During Snapper season only thing I could catch was Amberjacks. Now that Snapper season is over I'm catching big snappers and now Amberjacks are off limits. 

My 24 ft bay boat isn't large enough to travel 100 miles offshore for the big boys and tough out the higher seas so I guess it's time to think about selling the boat or find some holes close in that produce fish not ear marked as out of season. Triggers can only get 2, Snapper can only get 2, Amberjack can only get 1, kings can only get 2. 

I suppose they will have a 2 fish limit on croakers porgy shortly.

Damn Shame.


----------



## Chet88 (Feb 20, 2008)

At some point this nonsense has to stop. Not sure how much more we can take.

I guess very fish in the Gulf is "over fished"? Bullshite


----------



## eym_sirius (Oct 17, 2007)

​I say, "Take Rich up on his offer - Ask him for more information!" Or just fax something to him registering your dissatisfaction with the decision.

FOR INFORMATION CONTACT: 
Rich Malinowski, [email protected]  
727-824-5305, FAX 727-824-5308


----------



## scott44 (Aug 17, 2013)

Civil disobedience anyone?


----------



## eym_sirius (Oct 17, 2007)

Chet88 said:


> At some point this nonsense has to stop. Not sure how much more we can take.
> 
> I guess very fish in the Gulf is "over fished"? Bullshite


Yeah - it stands to reason that if the resource is overfished, people won't waste all that fuel and time going after fish that aren't there.

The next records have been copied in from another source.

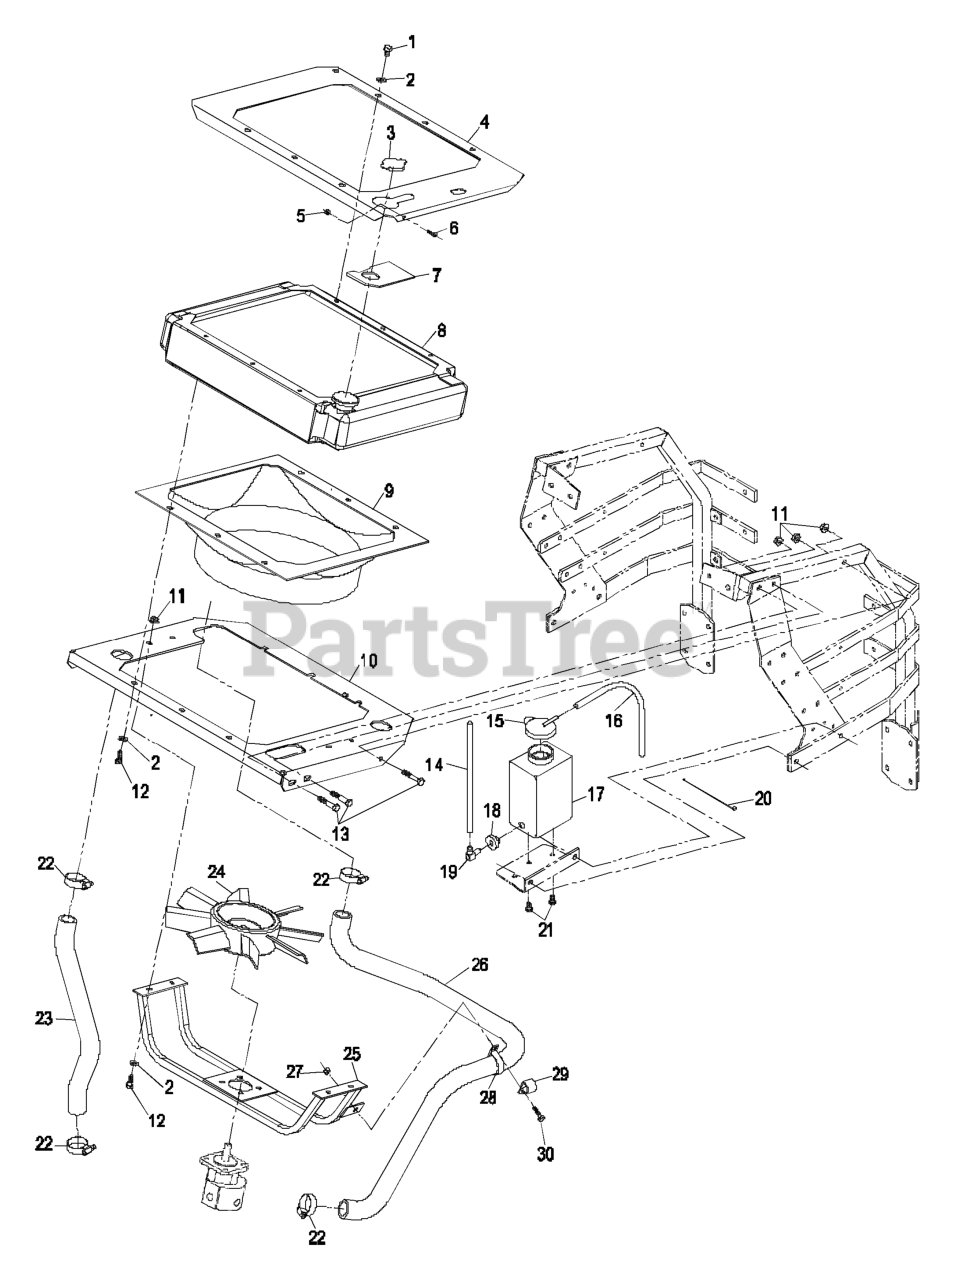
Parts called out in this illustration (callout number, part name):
1	SCREW-HH
2	WASHER-PLAIN
3	CAP-RADIATOR
5	NUT-LOCK, NI
7	SHIELD-FILL NECK, RADIATO
9	SHROUD-COOLING, ENGINE
12	SCREW-HH
13	SCREW-HH
15	CAP-TANK, OVERFLOW
17	TANK-OVERFLOW
20	TIE-CABLE
21	SCREW-HH
25	MOUNT-MOTOR, FAN
26	HOSE-INLET, ENGINE
27	NUT-LOCK, NI
28	CLIP-LOOM
29	CLIP-LOOM
30	SCREW-HH

How about additional habitat for AJs and other structure-oriented fish? Shouldn't the numbers be adjusted upward everytime there's a new structure that provides suitable habitat?


----------



## Reel Estate (Nov 28, 2007)

This is sick. I have written elected officials for years with not one single response.


----------



## eym_sirius (Oct 17, 2007)

scott44 said:


> Civil disobedience anyone?


I'm all for civil disobedience, but just remember that a tenet of C.D. is that if you do the crime, you have to be willing to do the time.


----------



## Kim (Aug 5, 2008)

To be honest I'm sure that the AJs have taken a pounding. I can live with the closure easily for one reason. The commercial guys can't catch them while we can't. It's only right that if the recreational angler can't catch them because they are over fished then the commercial guys shouldn't be able to continue to fish for them either.


----------



## agbiv (Jun 29, 2014)

*Endangered my a$$*

F'ing Fish Nazis

ARS out of control
Trigerfish?????
Amberjack #'s are too low????

Where's the science?


----------



## jgraham154 (Jul 15, 2008)

What about the poor charter boat captains??? Oh yeah who cares about those greedy bastages.. Have fun on your dolphin cruises in the future!!


----------



## afishanado (Oct 26, 2009)

IMO it's time to stop commercial fishing for grouper, snapper, AJ, etc. completely in the United States. It's obvious that the resources can no longer withstand the pressure. Why should we continue to exploit our resources just so someone in New York can have a snapper dinner.


----------



## tbaxl (Mar 13, 2013)

scott44 said:


> Civil disobedience anyone?


That is what it is going to take. Kim is right on as well, at least the commercial guys have to wait as well. 
I personally am in favor of all landings being reported then we will have some more credible science to work with.


----------



## speckledcroaker (Mar 23, 2012)

Wirelessly posted

Attention: The Gulf of Obama is now closed to all legal Americans.


----------



## MrFish (Aug 21, 2009)

speckledcroaker said:


> Wirelessly posted
> 
> Attention: The Gulf of Obama is now closed to all legal Americans.


I don't like him either, but don't turn this into something that it isn't. All of this started under Bush. It's gonna take a lawsuit to stop it. They are giving more and more ammunition with all these bullshit closures, but we have shown our willingness to sit on the sidelines and hope that someone else will pick up the fight. Until we all unite and quit bitching on forums, we will continue to maintain the status quo.


----------



## Play'N Hooky Too (Sep 29, 2007)

eym_sirius said:


> How about additional habitat for AJs and other structure-oriented fish? Shouldn't the numbers be adjusted upward everytime there's a new structure that provides suitable habitat?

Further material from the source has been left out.